DD: The 6 Step Program

     Dance has always been a huge part of my life. Training to become a professional dancer was like training for the Olympics, all the time. There really wasn't much time for anything else. I've never had a "normal" job. The closest thing to a job I ever had was babysitting for our neighbors. Which I did a total of two whole times. Usually after school I'd run straight to ballet class and wouldn't finish until late at night. By that time I'd be too tired and hungry to do anything besides eat and sleep. Sometimes I feel like I missed out on a few iconic childhood moments, but looking back at what experiences dance gave me instead, I don't regret it at all. 
     When you start something so unique at such a young age and continue to purse it as an adult you sometimes loose track of what's "normal" and what's really not. The life of a ballet dancer is a very short lived career. Regardless of injuries or not, it doesn't last forever and a lot of dancers struggle with what to do after dance. Life after dance seems so far away, until you blink and you're suddenly 15 years older trying to find a new career that's equally as fulfilling. It's hard because after so many years of doing something so special and so specific, you have no idea what it's like to work in a more "conventional" work environment. That's why I think there should be a "12 6 Step De-Dance Program" or "DD". Six essential steps that help dancers integrate into the normal world.
     Step 1. Admit that you were a dancer.
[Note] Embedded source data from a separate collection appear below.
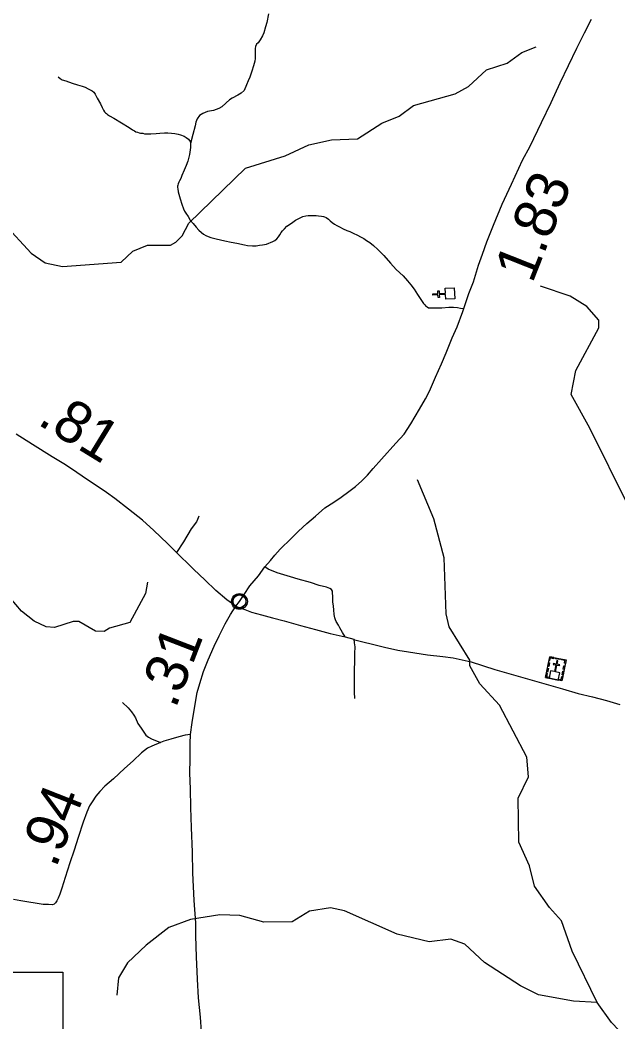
# Model space of a CAD drawing. Extents: x 2290615 to 2522933, y 819489 to 1012715.
# Drawn here: x 2335296 to 2342439, y 916430 to 928394 of the extents above; entities that cross this region are included whole.
import ezdxf

# ---------------------------------------------------------------- set-up
doc = ezdxf.new("R2010")
doc.units = 0
for name, color, linetype in [('Exist Civil Demographics Community CELL', 7, 'Continuous'), ('Exist Cultural Church CELL', 7, 'Continuous'), ('Exist Cultural Church with Cemetery CELL', 7, 'Continuous'), ('Exist Hydrographic Misc Water Feature', 7, 'Continuous'), ('Exist Road Non-System Type 51', 7, 'Continuous'), ('Exist Road Primary NC Attributed', 7, 'Continuous'), ('Exist Road Primary NC Mileage Hundredths English Label', 7, 'Continuous'), ('Exist Road Secondary Mileage Hundredths English Label', 7, 'Continuous'), ('Exist Road Secondary Structure Standard Bridge Number Label', 7, 'Continuous'), ('Exist Road Secondary Type 20 Attributed', 7, 'Continuous')]:
    doc.layers.add(name, color=color, linetype=linetype)

msp = doc.modelspace()

# ---------------------------------------------------------------- linework, layer by layer
at = {"layer": 'Exist Civil Demographics Community CELL'}
msp.add_lwpolyline([(2337840, 921465), (2337841, 921470), (2337842, 921477), (2337845, 921484), (2337848, 921490), (2337851, 921496), (2337855, 921501), (2337859, 921505), (2337864, 921510), (2337869, 921514), (2337875, 921518), (2337880, 921521), (2337885, 921523), (2337890, 921525), (2337896, 921527), (2337900, 921528), (2337905, 921529), (2337909, 921530), (2337915, 921530), (2337920, 921530), (2337926, 921530), (2337930, 921529), (2337935, 921528), (2337940, 921527), (2337946, 921525), (2337952, 921522), (2337958, 921518), (2337963, 921515), (2337969, 921511), (2337972, 921508), (2337976, 921503), (2337980, 921499), (2337983, 921494), (2337986, 921489), (2337989, 921484), (2337991, 921479), (2337992, 921474), (2337993, 921469), (2337995, 921463), (2337995, 921458), (2337995, 921452), (2337995, 921447), (2337995, 921441), (2337994, 921435), (2337992, 921429), (2337990, 921423), (2337988, 921418), (2337985, 921412), (2337982, 921407), (2337978, 921402), (2337974, 921398), (2337969, 921393), (2337964, 921389), (2337959, 921385), (2337954, 921383), (2337947, 921379), (2337940, 921377), (2337934, 921375), (2337928, 921374), (2337923, 921373), (2337919, 921373), (2337913, 921373), (2337909, 921374), (2337903, 921374), (2337897, 921376), (2337893, 921377), (2337888, 921379), (2337883, 921381), (2337879, 921383), (2337872, 921387), (2337867, 921391), (2337862, 921396), (2337857, 921401), (2337854, 921405), (2337851, 921409), (2337847, 921416), (2337845, 921420), (2337844, 921424), (2337841, 921432), (2337840, 921439), (2337839, 921444), (2337838, 921450), (2337838, 921455), (2337839, 921461)], close=True, dxfattribs=at)
for centre, radius in [((2337917, 921452), 94.3), ((2337917, 921453), 76.7)]:
    msp.add_circle(centre, radius, dxfattribs=at)
at = {"layer": 'Exist Cultural Church CELL'}
msp.add_lwpolyline([(2340382, 925061), (2340379, 925118), (2340303, 925114), (2340305, 925082), (2340289, 925081), (2340287, 925113), (2340227, 925110), (2340226, 925126), (2340286, 925129), (2340285, 925161), (2340301, 925162), (2340302, 925130), (2340378, 925134), (2340375, 925191), (2340482, 925197), (2340489, 925067)], close=True, dxfattribs=at)
at = {"layer": 'Exist Cultural Church with Cemetery CELL'}
for points in [[(2341623, 920792), (2341818, 920754), (2341769, 920504), (2341574, 920543)], [(2341615, 920750), (2341626, 920748), (2341632, 920779), (2341672, 920771), (2341674, 920782), (2341623, 920792)], [(2341616, 920534), (2341726, 920513), (2341744, 920601), (2341694, 920611), (2341710, 920691), (2341742, 920685), (2341744, 920696), (2341712, 920702), (2341720, 920743), (2341708, 920746), (2341700, 920704), (2341668, 920711), (2341666, 920700), (2341698, 920693), (2341682, 920614), (2341634, 920623)], [(2341696, 920778), (2341746, 920768), (2341744, 920757), (2341693, 920767)], [(2341810, 920711), (2341799, 920714), (2341805, 920745), (2341765, 920753), (2341767, 920764), (2341818, 920754)], [(2341587, 920611), (2341596, 920654), (2341607, 920651), (2341598, 920609)], [(2341600, 920677), (2341609, 920720), (2341620, 920717), (2341611, 920675)], [(2341785, 920642), (2341793, 920684), (2341804, 920682), (2341796, 920640)], [(2341606, 920536), (2341608, 920547), (2341587, 920552), (2341595, 920591), (2341584, 920593), (2341574, 920543)], [(2341737, 920511), (2341739, 920522), (2341760, 920518), (2341768, 920557), (2341779, 920555), (2341769, 920504)], [(2341772, 920577), (2341780, 920620), (2341791, 920618), (2341783, 920575)]]:
    msp.add_lwpolyline(points, close=True, dxfattribs=at)
at = {"layer": 'Exist Hydrographic Misc Water Feature'}
for points in [[(2335106, 925959), (2335427, 925611), (2335596, 925497), (2335804, 925450), (2336503, 925501), (2336644, 925635), (2336817, 925705), (2337093, 925706), (2337158, 925742), (2337233, 925817), (2337314, 925968), (2337990, 926626), (2338463, 926773), (2338745, 926903), (2339018, 926964), (2339326, 926976), (2339617, 927162), (2339823, 927246), (2339997, 927375), (2340495, 927513), (2340653, 927599), (2340867, 927801), (2341116, 927880), (2341290, 928005), (2341462, 928075)], [(2342562, 922599), (2342101, 923519), (2341880, 923923), (2341935, 924208), (2342212, 924718), (2342211, 924810), (2342067, 924975), (2341866, 925098), (2341515, 925218)], [(2336817, 921680), (2336793, 921545), (2336606, 921202), (2336365, 921133), (2336299, 921091), (2336199, 921097), (2335997, 921213), (2335931, 921211), (2335707, 921142), (2335607, 921148), (2335464, 921215), (2335313, 921336), (2335178, 921495), (2334939, 921925), (2334329, 922783), (2334244, 922865), (2334086, 922937), (2333710, 922935), (2333116, 923134), (2332834, 923040), (2332651, 923072), (2332509, 923053), (2332020, 922796), (2331713, 922702)], [(2342192, 916662), (2341893, 917277), (2341764, 917639), (2341620, 917798), (2341442, 918053), (2341381, 918293), (2341253, 918577), (2341246, 919102), (2341368, 919359), (2341349, 919592), (2341025, 920215), (2340788, 920468), (2340669, 920683), (2340668, 920752), (2340422, 921149), (2340387, 921305), (2340362, 921974), (2340240, 922438), (2340043, 922903)], [(2342192, 916662), (2341908, 916677), (2341491, 916755), (2341273, 916861), (2340845, 917139), (2340609, 917359), (2340442, 917418), (2340184, 917387), (2339800, 917477), (2339171, 917759), (2339004, 917792), (2338755, 917755), (2338548, 917626), (2338207, 917621), (2337922, 917701), (2337681, 917708), (2337332, 917654), (2337074, 917558), (2336802, 917347), (2336580, 917138), (2336473, 916959), (2336451, 916752)], [(2344411, 913622), (2344251, 913763), (2344200, 913869), (2344190, 913961), (2344113, 914187), (2344003, 914317), (2343936, 914341), (2343661, 914340), (2343511, 914386), (2343268, 914425), (2343118, 914481), (2343008, 914631), (2342956, 914731), (2342937, 914940), (2342843, 915130), (2342656, 915427), (2342646, 915601), (2342711, 915778), (2342725, 915985), (2342707, 916060), (2342361, 916423), (2342192, 916662)]]:
    msp.add_lwpolyline(points, dxfattribs=at)
at = {"layer": 'Exist Road Non-System Type 51'}
for points in [[(2338265, 928467), (2338244, 928366), (2338228, 928314), (2338207, 928242), (2338192, 928206), (2338166, 928159), (2338139, 928123), (2338121, 928105), (2338107, 928077), (2338106, 928053), (2338104, 927973), (2338105, 927935), (2338102, 927904), (2338083, 927848), (2338064, 927783), (2338041, 927713), (2338021, 927669), (2338000, 927621), (2337972, 927551), (2337938, 927521), (2337896, 927496), (2337829, 927460), (2337799, 927441), (2337757, 927405), (2337753, 927403), (2337706, 927356), (2337672, 927338), (2337607, 927313), (2337535, 927302), (2337480, 927279), (2337440, 927254), (2337411, 927215), (2337396, 927175), (2337387, 927131), (2337362, 927027), (2337334, 926919)], [(2335753, 927718), (2335777, 927696), (2335799, 927682), (2335844, 927667), (2335918, 927640), (2335982, 927619), (2336040, 927605), (2336074, 927593), (2336110, 927574), (2336134, 927560), (2336157, 927547), (2336178, 927531), (2336193, 927510), (2336219, 927462), (2336257, 927394), (2336277, 927351), (2336294, 927320), (2336306, 927300), (2336318, 927286), (2336327, 927279), (2336340, 927267), (2336364, 927252), (2336416, 927221), (2336601, 927112), (2336640, 927084), (2336664, 927070), (2336681, 927061), (2336698, 927054), (2336718, 927047), (2336736, 927044), (2336762, 927042), (2336783, 927037), (2336804, 927037), (2336859, 927037), (2336924, 927040), (2336966, 927042), (2337020, 927046), (2337061, 927046), (2337104, 927044), (2337147, 927039), (2337183, 927032), (2337214, 927023), (2337255, 927006), (2337281, 926991), (2337309, 926970), (2337327, 926944), (2337334, 926919)], [(2337334, 926919), (2337332, 926872), (2337320, 926790), (2337302, 926711), (2337282, 926656), (2337258, 926601), (2337230, 926538), (2337216, 926504), (2337199, 926474), (2337192, 926459), (2337185, 926439), (2337179, 926423), (2337175, 926409), (2337175, 926395), (2337179, 926380), (2337185, 926342), (2337210, 926261), (2337230, 926195), (2337247, 926141), (2337262, 926113), (2337277, 926090), (2337303, 926047), (2337329, 926003), (2337363, 925963), (2337401, 925920), (2337433, 925887), (2337464, 925856), (2337488, 925836), (2337516, 925821), (2337542, 925811), (2337576, 925798), (2337640, 925780), (2337743, 925757), (2337818, 925742), (2337884, 925728), (2337976, 925709), (2338012, 925703), (2338071, 925697), (2338117, 925699), (2338158, 925704), (2338192, 925709), (2338240, 925716), (2338267, 925729), (2338289, 925736), (2338316, 925749), (2338340, 925763), (2338365, 925783), (2338382, 925804), (2338398, 925829), (2338416, 925859), (2338433, 925877), (2338456, 925903), (2338484, 925932), (2338526, 925961), (2338553, 925980), (2338587, 926003), (2338626, 926024), (2338674, 926047), (2338708, 926055), (2338739, 926059), (2338771, 926061), (2338791, 926059), (2338834, 926059), (2338863, 926057), (2338897, 926054), (2338920, 926049), (2338931, 926045), (2338953, 926035), (2338979, 926017), (2339000, 925997), (2339025, 925975), (2339052, 925958), (2339082, 925939), (2339111, 925925), (2339155, 925903), (2339200, 925883), (2339237, 925869), (2339274, 925850), (2339326, 925826), (2339362, 925804), (2339402, 925784), (2339433, 925763), (2339475, 925738), (2339520, 925701), (2339571, 925654), (2339640, 925581), (2339721, 925493), (2339788, 925416), (2339872, 925340), (2339925, 925279), (2339966, 925231), (2340003, 925180), (2340042, 925118), (2340075, 925070), (2340100, 925035), (2340114, 925011), (2340130, 924992), (2340144, 924977), (2340159, 924968), (2340176, 924958)], [(2340176, 924958), (2340189, 924957), (2340210, 924956), (2340235, 924956), (2340269, 924957), (2340334, 924958), (2340419, 924964), (2340475, 924964), (2340522, 924960), (2340558, 924954), (2340596, 924948)], [(2337433, 922471), (2337417, 922432), (2337405, 922402), (2337339, 922319), (2337247, 922164), (2337166, 922037)], [(2339178, 921029), (2339149, 921080), (2339115, 921136), (2339100, 921167), (2339074, 921213), (2339063, 921234), (2339055, 921256), (2339049, 921296), (2339045, 921351), (2339039, 921395), (2339033, 921446), (2339034, 921490), (2339029, 921573), (2339017, 921593), (2338996, 921607), (2338955, 921621), (2338871, 921644), (2338767, 921676), (2338620, 921717), (2338526, 921747), (2338368, 921795), (2338261, 921836), (2338222, 921863)], [(2339283, 921000), (2339288, 920956), (2339296, 920908), (2339292, 920831), (2339288, 920538), (2339288, 920370), (2339292, 920293)], [(2336518, 920244), (2336589, 920180), (2336626, 920134), (2336656, 920095), (2336677, 920061), (2336704, 919994), (2336741, 919938), (2336798, 919856), (2336830, 919831), (2336867, 919810), (2336973, 919767)]]:
    msp.add_lwpolyline(points, dxfattribs=at)
at = {"layer": 'Exist Road Primary NC Attributed'}
for points in [[(2337872, 921395), (2337917, 921452), (2337974, 921533), (2338041, 921639), (2338143, 921759), (2338222, 921863), (2338287, 921940), (2338338, 922006), (2338402, 922076), (2338536, 922203), (2338621, 922290), (2338723, 922383), (2338825, 922471), (2338937, 922568), (2339045, 922636), (2339134, 922696), (2339225, 922764), (2339302, 922825), (2339379, 922891), (2339445, 922960), (2339516, 923039), (2339614, 923152), (2339786, 923340), (2339885, 923451), (2339965, 923572), (2340069, 923746), (2340141, 923870), (2340188, 923961), (2340258, 924128), (2340332, 924290), (2340387, 924419), (2340460, 924598), (2340519, 924732), (2340584, 924915), (2340596, 924948), (2340657, 925129), (2340713, 925269), (2340774, 925468), (2340821, 925599), (2340871, 925747), (2340950, 925943), (2341054, 926194), (2341168, 926436), (2341299, 926721), (2341391, 926887), (2341525, 927172), (2341639, 927408), (2341748, 927643), (2341849, 927850), (2341949, 928057), (2342039, 928242), (2342123, 928403)], [(2337872, 921395), (2337821, 921430), (2337766, 921472), (2337636, 921583), (2337502, 921709), (2337371, 921834), (2337292, 921913), (2337223, 921978), (2337166, 922037), (2337057, 922144), (2336893, 922300), (2336758, 922422), (2336592, 922552), (2336429, 922682), (2336330, 922751), (2336219, 922827), (2336102, 922904), (2335975, 922992), (2335838, 923081), (2335679, 923179), (2335445, 923326), (2335250, 923450)], [(2337334, 919862), (2337353, 920006), (2337382, 920200), (2337412, 920364), (2337443, 920473), (2337489, 920615), (2337544, 920756), (2337614, 920917), (2337674, 921043), (2337745, 921184), (2337809, 921297), (2337872, 921395)], [(2337872, 921395), (2337920, 921377), (2337980, 921354), (2338060, 921324), (2338179, 921290), (2338311, 921255), (2338450, 921219), (2338646, 921163), (2338825, 921115), (2339001, 921067), (2339178, 921029), (2339283, 921000), (2339280, 920997), (2339376, 920972), (2339521, 920936), (2339649, 920907), (2339808, 920871), (2339936, 920849), (2340162, 920815), (2340345, 920794), (2340471, 920779), (2340579, 920756), (2340685, 920732), (2340968, 920641), (2341777, 920407), (2341963, 920353), (2342134, 920313), (2342300, 920267), (2342461, 920221)], [(2337462, 916311), (2337450, 916487), (2337428, 916718), (2337414, 916940), (2337404, 917207), (2337395, 917459), (2337395, 917615), (2337377, 917880), (2337362, 918210), (2337357, 918456), (2337346, 918752), (2337337, 918990), (2337334, 919216), (2337326, 919402), (2337328, 919572), (2337329, 919756), (2337334, 919862)]]:
    msp.add_lwpolyline(points, dxfattribs=at)
at = {"layer": 'Exist Road Secondary Structure Standard Bridge Number Label'}
msp.add_lwpolyline([(2332090, 917024), (2335806, 917024), (2335806, 915487), (2332090, 915487)], close=True, dxfattribs=at)
at = {"layer": 'Exist Road Secondary Type 20 Attributed'}
msp.add_lwpolyline([(2337334, 919862), (2337270, 919854), (2337193, 919836), (2337098, 919808), (2337014, 919785), (2336973, 919767), (2336869, 919725), (2336818, 919699), (2336746, 919643), (2336648, 919549), (2336542, 919456), (2336411, 919335), (2336310, 919244), (2336248, 919181), (2336202, 919127), (2336156, 919060), (2336127, 919010), (2336095, 918936), (2336049, 918818), (2335991, 918632), (2335941, 918483), (2335891, 918330), (2335833, 918157), (2335796, 918028), (2335771, 917958), (2335752, 917907), (2335737, 917877), (2335719, 917853), (2335703, 917835), (2335682, 917828), (2335636, 917831), (2335572, 917834), (2335304, 917875), (2335216, 917891)], dxfattribs=at)

# ---------------------------------------------------------------- texts
at = {"layer": 'Exist Road Primary NC Mileage Hundredths English Label'}
for s, rotation, p in [('1.83', 68.4116, (2341414, 925238)), ('.81', 328.3928, (2335490, 923576)), ('.31', 68.9151, (2337153, 920161))]:
    msp.add_text(s, height=500, rotation=rotation, dxfattribs=at).set_placement(p)
at = {"layer": 'Exist Road Secondary Mileage Hundredths English Label'}
msp.add_text('.94', height=500, rotation=68.5129, dxfattribs=at).set_placement((2335723, 918258))

doc.saveas('drawing.dxf')

If you can't work the cash register at your new job that's ok! You've been busy twirling around on your toes or lifting girls in the air. You probably don't know how to count past 8. Just admit that you haven't been to school in 100 years and therefore forgot all possible mathematical skills. No one will judge you. To your face. 
     Step 2. Recognize that you aren't alone. There are plenty of other dancers out there just like you struggling to make it in the "real world", expecting a round of applause every time they turn in an assignment on time*.
     Step 3. Examining past errors with the help of a sponsor. Oh shit, sorry. That's from another program...The next step is accepting the fact that you are not allowed to be naked in front of your work colleagues anymore. I know it took a while for you to get comfy enough in your skin to strip down in front of everyone for that quick costume change in the first place. Especially when you came to the company as a modest little apprentice. But now it's time to retire your inner nudist and accept the life of a fully clothed "normal" human being.
     Step 4. It's not going to be ok to crack your hip while you're talking to someone (see previous blog post titled "Snap, Crackle, Pop!"). Yea, none of that anymore. That's considered weird and creepy and people might mistake the cracking noise for a fart and then you'd just be known as the office farter and no one would want to talk to you anymore.
     Step 5. Accept the fact that you're going to have to learn a new set of skills. Dropping into the splits is only appropriate before ballet class or as a cool party trick, not at job interviews. Vagina lifts are now a sexual harassment lawsuit waiting to happen. The sooner you accept this the better off you'll be.
     Step 6. The final step. Always try to concentrate on the positives in life. You don't have to shave your armpits as often! None of your work mates will (hopefully!) be touching them, so there's no need to worry about your partner talking about how hairy and sweaty your armpits are behind your back. Isn't that a relief? Just make sure to wear long sleeved shirts at all times and I'm telling you, you'll have a mighty fine life after your ballet career. You're welcome.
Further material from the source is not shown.